── Data in this exercise ──

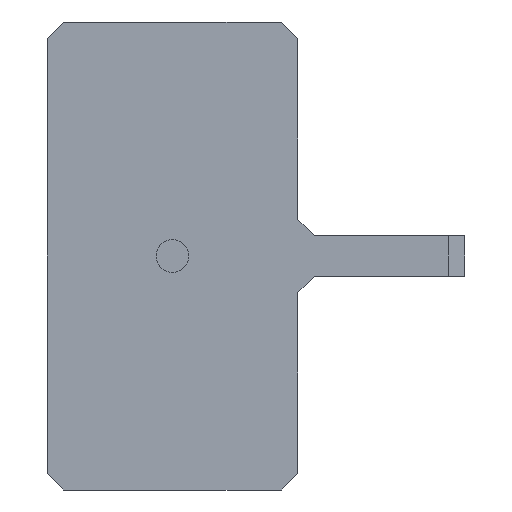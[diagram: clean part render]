
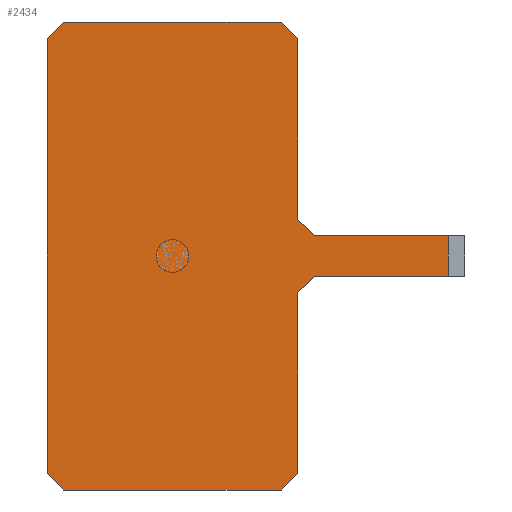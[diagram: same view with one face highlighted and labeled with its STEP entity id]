
A CAD part, front view. The second image highlights one B-rep face of the part: STEP entity #2434.
In plain terms, the highlighted planar face has unit normal (0, -1, 0).
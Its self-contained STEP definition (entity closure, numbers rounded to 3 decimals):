
#204=FACE_OUTER_BOUND('',#341,.T.);
#341=EDGE_LOOP('',(#1643,#1644,#1645,#1646,#1647,#1648,#1649,#1650,#1651,
#1652,#1653,#1654,#1655,#1656));
#479=LINE('',#3574,#733);
#483=LINE('',#3583,#737);
#486=LINE('',#3590,#740);
#491=LINE('',#3598,#745);
#493=LINE('',#3603,#747);
#504=LINE('',#3628,#758);
#505=LINE('',#3631,#759);
#515=LINE('',#3658,#769);
#516=LINE('',#3660,#770);
#517=LINE('',#3662,#771);
#518=LINE('',#3664,#772);
#519=LINE('',#3666,#773);
#520=LINE('',#3668,#774);
#521=LINE('',#3669,#775);
#733=VECTOR('',#2891,10.);
#737=VECTOR('',#2899,10.);
#740=VECTOR('',#2904,10.);
#745=VECTOR('',#2911,10.);
#747=VECTOR('',#2915,10.);
#758=VECTOR('',#2932,10.);
#759=VECTOR('',#2935,10.);
#769=VECTOR('',#2955,10.);
#770=VECTOR('',#2956,10.);
#771=VECTOR('',#2957,10.);
#772=VECTOR('',#2958,10.);
#773=VECTOR('',#2959,10.);
#774=VECTOR('',#2960,10.);
#775=VECTOR('',#2961,10.);
#984=VERTEX_POINT('',#3567);
#987=VERTEX_POINT('',#3572);
#990=VERTEX_POINT('',#3582);
#992=VERTEX_POINT('',#3588);
#993=VERTEX_POINT('',#3589);
#997=VERTEX_POINT('',#3602);
#1008=VERTEX_POINT('',#3626);
#1009=VERTEX_POINT('',#3630);
#1021=VERTEX_POINT('',#3657);
#1022=VERTEX_POINT('',#3659);
#1023=VERTEX_POINT('',#3661);
#1024=VERTEX_POINT('',#3663);
#1025=VERTEX_POINT('',#3665);
#1026=VERTEX_POINT('',#3667);
#1227=EDGE_CURVE('',#987,#984,#479,.T.);
#1231=EDGE_CURVE('',#990,#984,#483,.T.);
#1234=EDGE_CURVE('',#992,#993,#486,.T.);
#1239=EDGE_CURVE('',#993,#987,#491,.T.);
#1241=EDGE_CURVE('',#990,#997,#493,.T.);
#1254=EDGE_CURVE('',#992,#1008,#504,.T.);
#1255=EDGE_CURVE('',#1009,#997,#505,.T.);
#1268=EDGE_CURVE('',#1008,#1021,#515,.T.);
#1269=EDGE_CURVE('',#1021,#1022,#516,.T.);
#1270=EDGE_CURVE('',#1022,#1023,#517,.T.);
#1271=EDGE_CURVE('',#1023,#1024,#518,.T.);
#1272=EDGE_CURVE('',#1024,#1025,#519,.T.);
#1273=EDGE_CURVE('',#1025,#1026,#520,.T.);
#1274=EDGE_CURVE('',#1026,#1009,#521,.T.);
#1643=ORIENTED_EDGE('',*,*,#1227,.F.);
#1644=ORIENTED_EDGE('',*,*,#1239,.F.);
#1645=ORIENTED_EDGE('',*,*,#1234,.F.);
#1646=ORIENTED_EDGE('',*,*,#1254,.T.);
#1647=ORIENTED_EDGE('',*,*,#1268,.T.);
#1648=ORIENTED_EDGE('',*,*,#1269,.T.);
#1649=ORIENTED_EDGE('',*,*,#1270,.T.);
#1650=ORIENTED_EDGE('',*,*,#1271,.T.);
#1651=ORIENTED_EDGE('',*,*,#1272,.T.);
#1652=ORIENTED_EDGE('',*,*,#1273,.T.);
#1653=ORIENTED_EDGE('',*,*,#1274,.T.);
#1654=ORIENTED_EDGE('',*,*,#1255,.T.);
#1655=ORIENTED_EDGE('',*,*,#1241,.F.);
#1656=ORIENTED_EDGE('',*,*,#1231,.T.);
#2331=PLANE('',#2684);
#2434=ADVANCED_FACE('',(#204),#2331,.T.);
#2684=AXIS2_PLACEMENT_3D('',#3656,#2953,#2954);
#2891=DIRECTION('',(0.,0.,-1.));
#2899=DIRECTION('',(1.,0.,0.));
#2904=DIRECTION('',(0.707,0.,-0.707));
#2911=DIRECTION('',(1.,0.,0.));
#2915=DIRECTION('',(-0.707,0.,-0.707));
#2932=DIRECTION('',(0.,0.,1.));
#2935=DIRECTION('',(0.,0.,1.));
#2953=DIRECTION('center_axis',(0.,-1.,0.));
#2954=DIRECTION('ref_axis',(0.,0.,-1.));
#2955=DIRECTION('',(-0.707,0.,0.707));
#2956=DIRECTION('',(-1.,0.,0.));
#2957=DIRECTION('',(-0.707,0.,-0.707));
#2958=DIRECTION('',(0.,0.,-1.));
#2959=DIRECTION('',(0.707,0.,-0.707));
#2960=DIRECTION('',(1.,0.,0.));
#2961=DIRECTION('',(0.707,0.,0.707));
#3567=CARTESIAN_POINT('',(16.5,-2.,-1.2));
#3572=CARTESIAN_POINT('',(16.5,-2.,1.2));
#3574=CARTESIAN_POINT('',(16.5,-2.,0.));
#3582=CARTESIAN_POINT('',(8.5,-2.,-1.2));
#3583=CARTESIAN_POINT('',(7.5,-2.,-1.2));
#3588=CARTESIAN_POINT('',(7.5,-2.,2.2));
#3589=CARTESIAN_POINT('',(8.5,-2.,1.2));
#3590=CARTESIAN_POINT('',(6.425,-2.,3.275));
#3598=CARTESIAN_POINT('',(7.5,-2.,1.2));
#3602=CARTESIAN_POINT('',(7.5,-2.,-2.2));
#3603=CARTESIAN_POINT('',(6.425,-2.,-3.275));
#3626=CARTESIAN_POINT('',(7.5,-2.,13.));
#3628=CARTESIAN_POINT('',(7.5,-2.,-13.));
#3630=CARTESIAN_POINT('',(7.5,-2.,-13.));
#3631=CARTESIAN_POINT('',(7.5,-2.,-13.));
#3656=CARTESIAN_POINT('Origin',(0.,-2.,0.));
#3657=CARTESIAN_POINT('',(6.5,-2.,14.));
#3658=CARTESIAN_POINT('',(7.5,-2.,13.));
#3659=CARTESIAN_POINT('',(-6.5,-2.,14.));
#3660=CARTESIAN_POINT('',(6.5,-2.,14.));
#3661=CARTESIAN_POINT('',(-7.5,-2.,13.));
#3662=CARTESIAN_POINT('',(-6.5,-2.,14.));
#3663=CARTESIAN_POINT('',(-7.5,-2.,-13.));
#3664=CARTESIAN_POINT('',(-7.5,-2.,13.));
#3665=CARTESIAN_POINT('',(-6.5,-2.,-14.));
#3666=CARTESIAN_POINT('',(-7.5,-2.,-13.));
#3667=CARTESIAN_POINT('',(6.5,-2.,-14.));
#3668=CARTESIAN_POINT('',(-6.5,-2.,-14.));
#3669=CARTESIAN_POINT('',(6.5,-2.,-14.));

───

For every entry above, write it out exactly and remove any image.

• _Result_
[diagram: clean part render]
[diagram: same view with one face highlighted and labeled with its STEP entity id]
A CAD part, front view. The second image highlights one B-rep face of the part: STEP entity #2434.
In plain terms, the highlighted planar face has unit normal (0, -1, 0).
Its self-contained STEP definition (entity closure, numbers rounded to 3 decimals):
#204=FACE_OUTER_BOUND('',#341,.T.);
#341=EDGE_LOOP('',(#1643,#1644,#1645,#1646,#1647,#1648,#1649,#1650,#1651,
#1652,#1653,#1654,#1655,#1656));
#479=LINE('',#3574,#733);
#483=LINE('',#3583,#737);
#486=LINE('',#3590,#740);
#491=LINE('',#3598,#745);
#493=LINE('',#3603,#747);
#504=LINE('',#3628,#758);
#505=LINE('',#3631,#759);
#515=LINE('',#3658,#769);
#516=LINE('',#3660,#770);
#517=LINE('',#3662,#771);
#518=LINE('',#3664,#772);
#519=LINE('',#3666,#773);
#520=LINE('',#3668,#774);
#521=LINE('',#3669,#775);
#733=VECTOR('',#2891,10.);
#737=VECTOR('',#2899,10.);
#740=VECTOR('',#2904,10.);
#745=VECTOR('',#2911,10.);
#747=VECTOR('',#2915,10.);
#758=VECTOR('',#2932,10.);
#759=VECTOR('',#2935,10.);
#769=VECTOR('',#2955,10.);
#770=VECTOR('',#2956,10.);
#771=VECTOR('',#2957,10.);
#772=VECTOR('',#2958,10.);
#773=VECTOR('',#2959,10.);
#774=VECTOR('',#2960,10.);
#775=VECTOR('',#2961,10.);
#984=VERTEX_POINT('',#3567);
#987=VERTEX_POINT('',#3572);
#990=VERTEX_POINT('',#3582);
#992=VERTEX_POINT('',#3588);
#993=VERTEX_POINT('',#3589);
#997=VERTEX_POINT('',#3602);
#1008=VERTEX_POINT('',#3626);
#1009=VERTEX_POINT('',#3630);
#1021=VERTEX_POINT('',#3657);
#1022=VERTEX_POINT('',#3659);
#1023=VERTEX_POINT('',#3661);
#1024=VERTEX_POINT('',#3663);
#1025=VERTEX_POINT('',#3665);
#1026=VERTEX_POINT('',#3667);
#1227=EDGE_CURVE('',#987,#984,#479,.T.);
#1231=EDGE_CURVE('',#990,#984,#483,.T.);
#1234=EDGE_CURVE('',#992,#993,#486,.T.);
#1239=EDGE_CURVE('',#993,#987,#491,.T.);
#1241=EDGE_CURVE('',#990,#997,#493,.T.);
#1254=EDGE_CURVE('',#992,#1008,#504,.T.);
#1255=EDGE_CURVE('',#1009,#997,#505,.T.);
#1268=EDGE_CURVE('',#1008,#1021,#515,.T.);
#1269=EDGE_CURVE('',#1021,#1022,#516,.T.);
#1270=EDGE_CURVE('',#1022,#1023,#517,.T.);
#1271=EDGE_CURVE('',#1023,#1024,#518,.T.);
#1272=EDGE_CURVE('',#1024,#1025,#519,.T.);
#1273=EDGE_CURVE('',#1025,#1026,#520,.T.);
#1274=EDGE_CURVE('',#1026,#1009,#521,.T.);
#1643=ORIENTED_EDGE('',*,*,#1227,.F.);
#1644=ORIENTED_EDGE('',*,*,#1239,.F.);
#1645=ORIENTED_EDGE('',*,*,#1234,.F.);
#1646=ORIENTED_EDGE('',*,*,#1254,.T.);
#1647=ORIENTED_EDGE('',*,*,#1268,.T.);
#1648=ORIENTED_EDGE('',*,*,#1269,.T.);
#1649=ORIENTED_EDGE('',*,*,#1270,.T.);
#1650=ORIENTED_EDGE('',*,*,#1271,.T.);
#1651=ORIENTED_EDGE('',*,*,#1272,.T.);
#1652=ORIENTED_EDGE('',*,*,#1273,.T.);
#1653=ORIENTED_EDGE('',*,*,#1274,.T.);
#1654=ORIENTED_EDGE('',*,*,#1255,.T.);
#1655=ORIENTED_EDGE('',*,*,#1241,.F.);
#1656=ORIENTED_EDGE('',*,*,#1231,.T.);
#2331=PLANE('',#2684);
#2434=ADVANCED_FACE('',(#204),#2331,.T.);
#2684=AXIS2_PLACEMENT_3D('',#3656,#2953,#2954);
#2891=DIRECTION('',(0.,0.,-1.));
#2899=DIRECTION('',(1.,0.,0.));
#2904=DIRECTION('',(0.707,0.,-0.707));
#2911=DIRECTION('',(1.,0.,0.));
#2915=DIRECTION('',(-0.707,0.,-0.707));
#2932=DIRECTION('',(0.,0.,1.));
#2935=DIRECTION('',(0.,0.,1.));
#2953=DIRECTION('center_axis',(0.,-1.,0.));
#2954=DIRECTION('ref_axis',(0.,0.,-1.));
#2955=DIRECTION('',(-0.707,0.,0.707));
#2956=DIRECTION('',(-1.,0.,0.));
#2957=DIRECTION('',(-0.707,0.,-0.707));
#2958=DIRECTION('',(0.,0.,-1.));
#2959=DIRECTION('',(0.707,0.,-0.707));
#2960=DIRECTION('',(1.,0.,0.));
#2961=DIRECTION('',(0.707,0.,0.707));
#3567=CARTESIAN_POINT('',(16.5,-2.,-1.2));
#3572=CARTESIAN_POINT('',(16.5,-2.,1.2));
#3574=CARTESIAN_POINT('',(16.5,-2.,0.));
#3582=CARTESIAN_POINT('',(8.5,-2.,-1.2));
#3583=CARTESIAN_POINT('',(7.5,-2.,-1.2));
#3588=CARTESIAN_POINT('',(7.5,-2.,2.2));
#3589=CARTESIAN_POINT('',(8.5,-2.,1.2));
#3590=CARTESIAN_POINT('',(6.425,-2.,3.275));
#3598=CARTESIAN_POINT('',(7.5,-2.,1.2));
#3602=CARTESIAN_POINT('',(7.5,-2.,-2.2));
#3603=CARTESIAN_POINT('',(6.425,-2.,-3.275));
#3626=CARTESIAN_POINT('',(7.5,-2.,13.));
#3628=CARTESIAN_POINT('',(7.5,-2.,-13.));
#3630=CARTESIAN_POINT('',(7.5,-2.,-13.));
#3631=CARTESIAN_POINT('',(7.5,-2.,-13.));
#3656=CARTESIAN_POINT('Origin',(0.,-2.,0.));
#3657=CARTESIAN_POINT('',(6.5,-2.,14.));
#3658=CARTESIAN_POINT('',(7.5,-2.,13.));
#3659=CARTESIAN_POINT('',(-6.5,-2.,14.));
#3660=CARTESIAN_POINT('',(6.5,-2.,14.));
#3661=CARTESIAN_POINT('',(-7.5,-2.,13.));
#3662=CARTESIAN_POINT('',(-6.5,-2.,14.));
#3663=CARTESIAN_POINT('',(-7.5,-2.,-13.));
#3664=CARTESIAN_POINT('',(-7.5,-2.,13.));
#3665=CARTESIAN_POINT('',(-6.5,-2.,-14.));
#3666=CARTESIAN_POINT('',(-7.5,-2.,-13.));
#3667=CARTESIAN_POINT('',(6.5,-2.,-14.));
#3668=CARTESIAN_POINT('',(-6.5,-2.,-14.));
#3669=CARTESIAN_POINT('',(6.5,-2.,-14.));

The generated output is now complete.